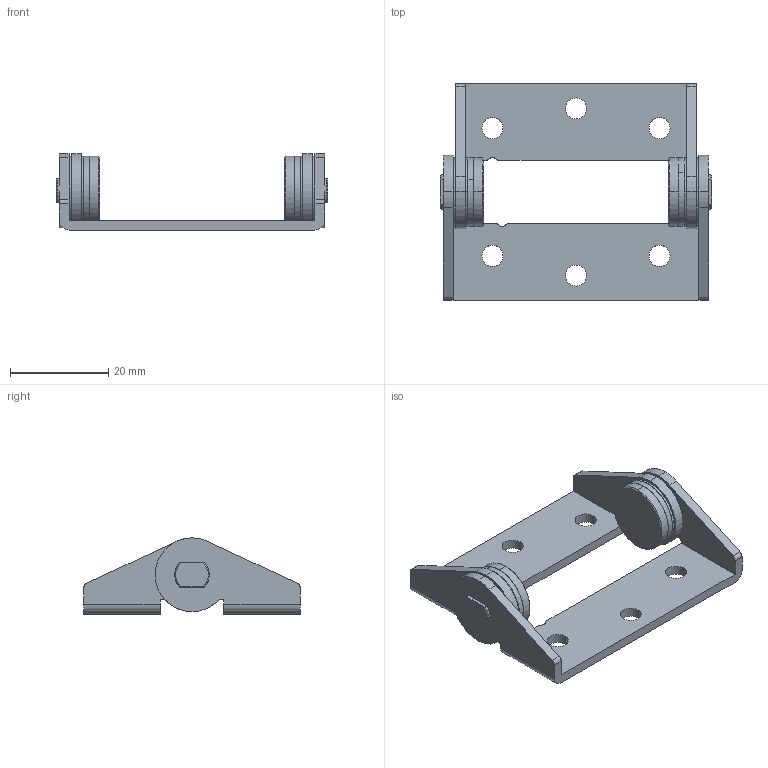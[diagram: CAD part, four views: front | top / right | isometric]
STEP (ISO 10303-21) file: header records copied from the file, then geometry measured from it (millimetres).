
FILE_DESCRIPTION (( 'STEP AP203' ), '1' );
FILE_NAME ('HG-ITS_0.step', '2012-05-14T02:20:24', ( ' ' ), ( '' ), 'SwSTEP 2.0', 'SolidWorks 2011', '' );
FILE_SCHEMA (( 'CONFIG_CONTROL_DESIGN' ));
Length unit declared in the file: millimetre
Products named in the file (6): HG-ITS_0; SC170-01084_HG-ITS_シャフト; SC170-01088_HG-ITS_波ワッシャ; SC170-01085_HG-ITS_フリクションプレート; SC170-01086_HG-ITS僽儔働僢僩; SC170-01087_HG-ITS_ベース
Assembly tree (10 placements, depth 2):
  HG-ITS_0
    SC170-01084_HG-ITS_シャフト  x2
    SC170-01088_HG-ITS_波ワッシャ  x2
    SC170-01085_HG-ITS_フリクションプレート  x4
    SC170-01086_HG-ITS僽儔働僢僩
    SC170-01087_HG-ITS_ベース
Bounding box: 55.2 x 44 x 15.5 mm (x, y, z)
Volume: 6554.6 mm3; surface area: 8991.3 mm2
Topology: 10 solids, 10 shells, 166 faces, 424 edges, 280 vertices
Faces by surface type: cylinder 82, plane 72, cone 12
Entity records: 4542 total; most frequent: DIRECTION 708, CARTESIAN_POINT 660, ORIENTED_EDGE 624, EDGE_CURVE 312, AXIS2_PLACEMENT_3D 270, VERTEX_POINT 206, VECTOR 168, LINE 168
════════════════════
Directions: Copy the listing above verbatim, leaving out pictures.

Result of this exercise:
[diagram: CAD part, four views: front | top / right | isometric]
STEP (ISO 10303-21) file: header records copied from the file, then geometry measured from it (millimetres).
FILE_DESCRIPTION (( 'STEP AP203' ), '1' );
FILE_NAME ('HG-ITS_0.step', '2012-05-14T02:20:24', ( ' ' ), ( '' ), 'SwSTEP 2.0', 'SolidWorks 2011', '' );
FILE_SCHEMA (( 'CONFIG_CONTROL_DESIGN' ));
Length unit declared in the file: millimetre
Products named in the file (6): HG-ITS_0; SC170-01084_HG-ITS_シャフト; SC170-01088_HG-ITS_波ワッシャ; SC170-01085_HG-ITS_フリクションプレート; SC170-01086_HG-ITS僽儔働僢僩; SC170-01087_HG-ITS_ベース
Assembly tree (10 placements, depth 2):
  HG-ITS_0
    SC170-01084_HG-ITS_シャフト  x2
    SC170-01088_HG-ITS_波ワッシャ  x2
    SC170-01085_HG-ITS_フリクションプレート  x4
    SC170-01086_HG-ITS僽儔働僢僩
    SC170-01087_HG-ITS_ベース
Bounding box: 55.2 x 44 x 15.5 mm (x, y, z)
Volume: 6554.6 mm3; surface area: 8991.3 mm2
Topology: 10 solids, 10 shells, 166 faces, 424 edges, 280 vertices
Faces by surface type: cylinder 82, plane 72, cone 12
Entity records: 4542 total; most frequent: DIRECTION 708, CARTESIAN_POINT 660, ORIENTED_EDGE 624, EDGE_CURVE 312, AXIS2_PLACEMENT_3D 270, VERTEX_POINT 206, VECTOR 168, LINE 168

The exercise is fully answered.